At 1200 hours GMT on March 22, a full eleven days after the sonar interference began and two hours after Leach received the Admiralty signal, the interference stopped. It did so abruptly, just as if someone had flicked a switch.
At that moment, Splendid was still just below the surface in the Atlantic, abeam of Cape Town. The news of the rebirth of their sonar brought hoots of joy throughout the boat. Leach immediately dived his ship down into the sanctuary of the deep, warm sea over the continental shelf of Africa.
As Splendid descended, Leach reflected on the Admiralty signal and on the sonar interference capability of the Soviets. That goddamn SONINT thing wasn’t just a toy the Soviets would use in an exercise, in a month of war games. If SONINT was as effective as he knew it to be—it had almost cost him his brand new ship, let alone his life—why in hell would the Red Navy let the whole world know they had the damn thing by turning it on just so that they could use it at OKEAN? The isolated captain had little information with which to make an accurate judgment.
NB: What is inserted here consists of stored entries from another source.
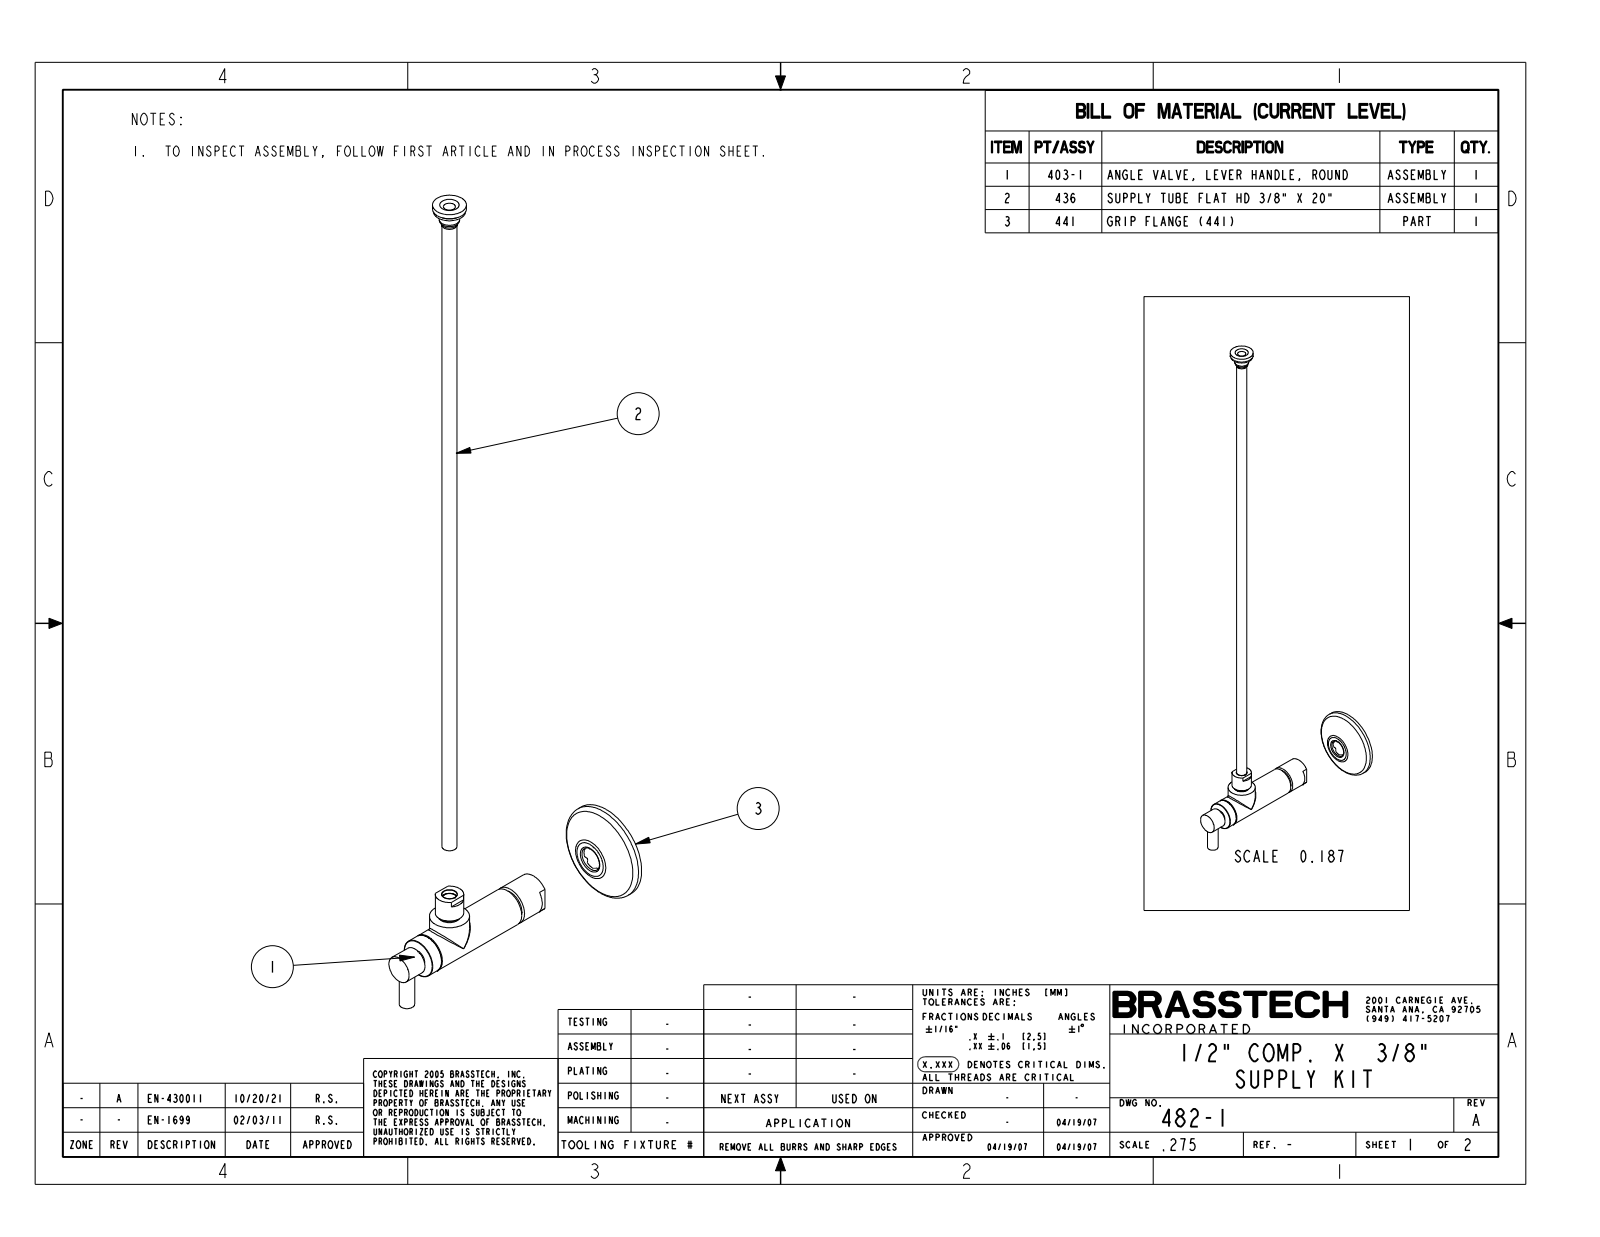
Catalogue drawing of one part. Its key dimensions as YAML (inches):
part_name: "482-1"
step_written_by: "CREO PARAMETRIC BY PTC INC, 2018500 (CONFIG_CONTROL_DESIGN)"
units: inches
bodies: {solids: 8, faces: 803, planar: 200, cylindrical: 383, other: 220}
overall_size: [21.575, 7.314, 2.5]
volume: 2.644
surface_area: 160.6
round_holes:
  - {diameter: 0.3, count: 2}
  - {diameter: 0.145, count: 1}
  - {diameter: 0.15, count: 1}
  - {diameter: 0.19, count: 1}
  - {diameter: 0.275, count: 1}
  - {diameter: 0.32, count: 1}
  - {diameter: 0.328, count: 1}
  - {diameter: 0.335, count: 1}
  - {diameter: 0.38, count: 1}
  - {diameter: 0.382, count: 1}
  - {diameter: 0.385, count: 1}
  - {diameter: 0.387, count: 1}
round_bosses_or_shafts:
  - {diameter: 1, count: 2}
  - {diameter: 0.885, count: 1}
  - {diameter: 0.845, count: 1}
  - {diameter: 0.819, count: 1}
  - {diameter: 0.8, count: 1}
  - {diameter: 0.776, count: 1}
  - {diameter: 0.717, count: 1}
  - {diameter: 0.71, count: 1}
partial_cylinders:
  - {radius: 0.03, count: 10}
  - {radius: 0.058, count: 5}
  - {radius: 0.005, count: 2}
  - {radius: 0.134, count: 1}
  - {radius: 0.199, count: 1}
face_to_face_distances: [4.064, 2.314, 1.75, 4.744, 2.43, 0.68, 0.814, 1.5, 3.25, 3.93]
hole_center_spacings: [0.043, 1.457, 1.5]
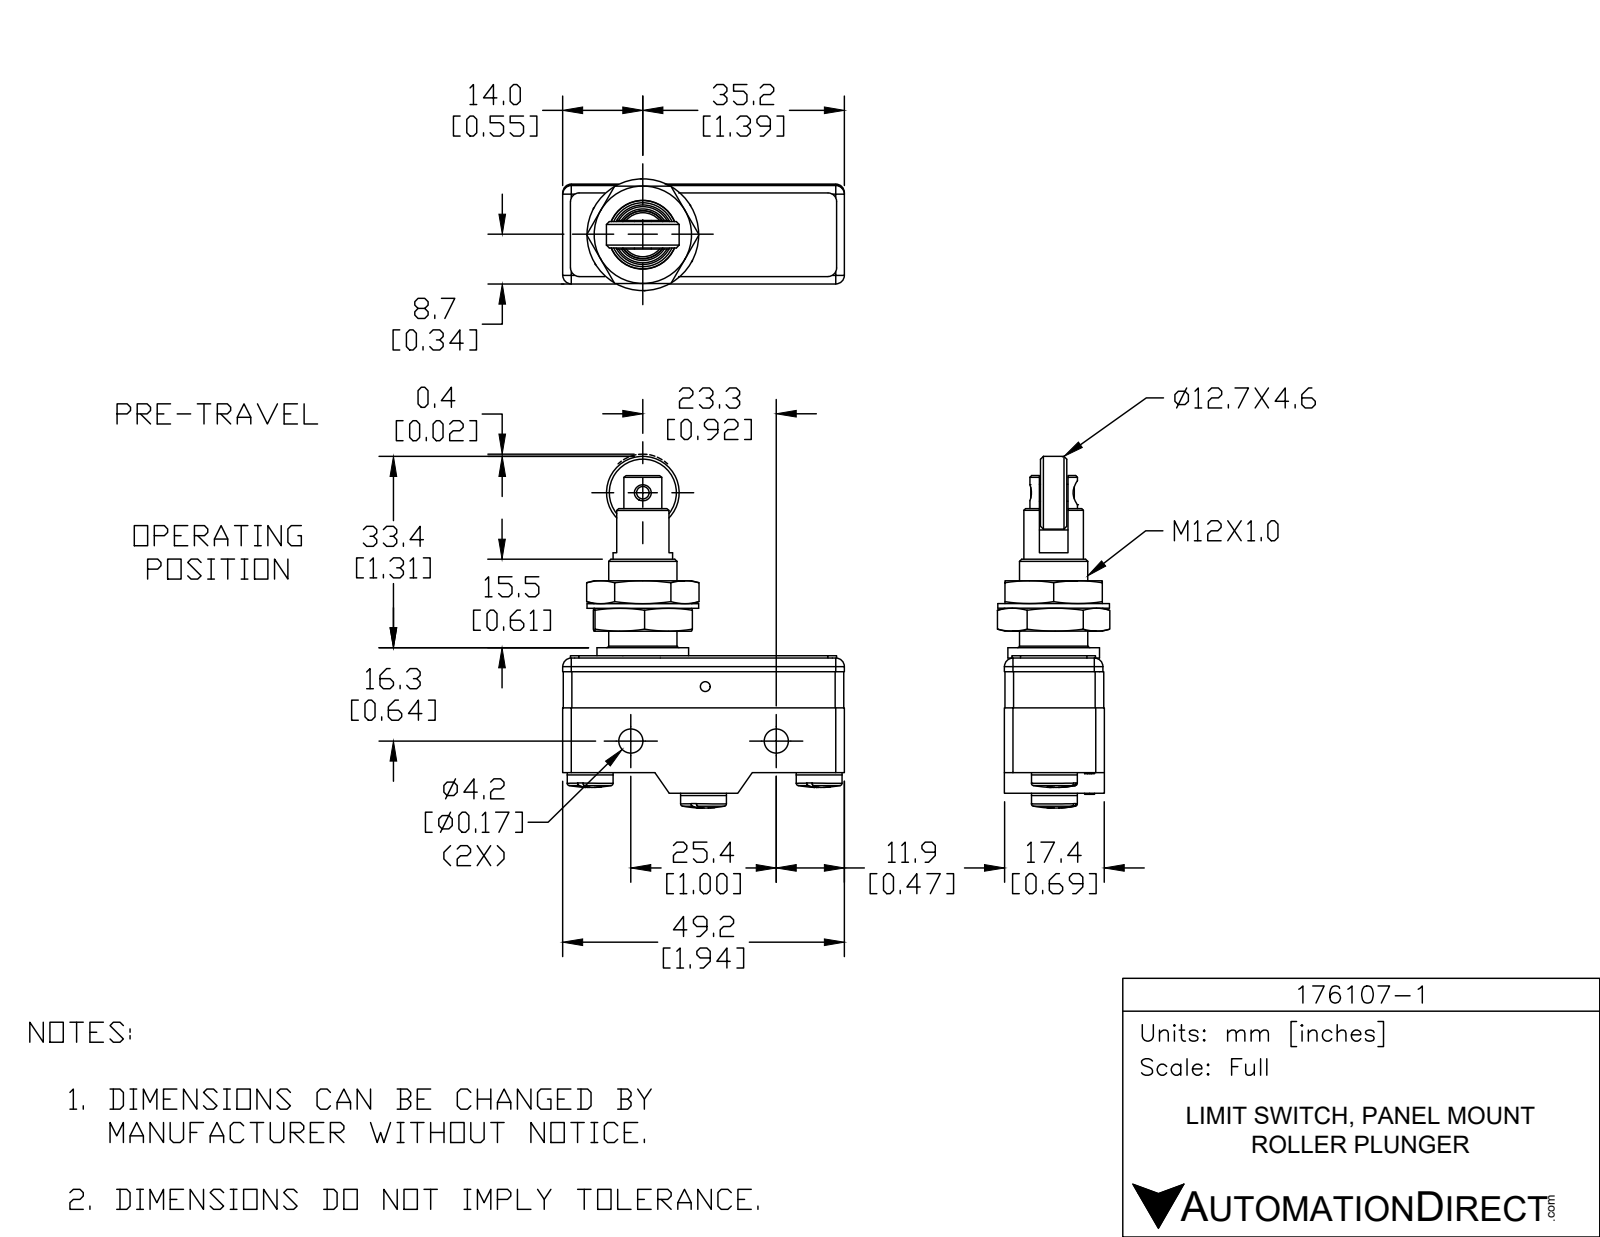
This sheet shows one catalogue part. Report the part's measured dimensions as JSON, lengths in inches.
{"part_name": "176-MS (Screw Terminal)-Panel Mount Roller Plunger", "step_written_by": "SolidWorks 2018 (AUTOMOTIVE_DESIGN)", "units": "inches", "bodies": {"solids": 15, "faces": 605, "planar": 263, "cylindrical": 144, "other": 198}, "overall_size": [2.442, 1.937, 0.772], "volume_in3": 1.368, "surface_area_in2": 19.81, "round_holes": [[0.15, 3], [0.236, 3], [0.165, 2], [0.067, 1], [0.079, 1], [0.126, 1], [0.161, 1], [0.295, 1], [0.331, 1], [0.43, 1]], "round_bosses_or_shafts": [[0.315, 3], [0.768, 1], [0.63, 1], [0.626, 1], [0.5, 1], [0.47, 1], [0.409, 1], [0.327, 1]], "partial_cylinders_radius": [[0.059, 18], [0.012, 12], [0.116, 3], [0.25, 1], [0.317, 1]], "face_to_face_distances": [0.693, 0.803, 0.683, 0.687, 0.016, 0.11, 0.189, 1.142, 0.031, 0.157], "hole_center_spacings": [0.354, 0.425, 0.615, 0.634, 0.78, 0.795, 1, 1.22]}

What he did know, however, was that the Americans and the Soviets were eyeball to eyeball over the Middle East. The Red Navy had more ships at sea than it had ever had at any one time. Sure, the Soviets were mounting OKEAN, but OKEAN wasn’t sufficient reason to trigger the use of SONINT. No, those bastards were definitely up to something. He’d bet his last pound on it.
Commander Marcus Leach was right.
11
25 March 4:00 P.M.
The White House
Washington, D.C.
Across the polished, historic desk of the Oval Office over which so many decisions had been taken and upon which so many documents had been signed, President Hansen watched the lined, pitted face and red, watery eyes of Vasili Kuznetsov, the likeable old Soviet ambassador to the United States, a man who had represented his country on the Washington scene for over two decades. He had been summoned by the president through the office of the secretary of state, John Eaton, who sat next to Kuznetsov.
Kuznetsov spoke excellent English, but with a heavy Russian accent. At this morning meeting with the new president, he was clearly unhappy that events had taken a turn for the worse between the United States and his nation. He felt responsible for maintaining good relations between the two giants of the world and took it as a personal failure that things had gone awry.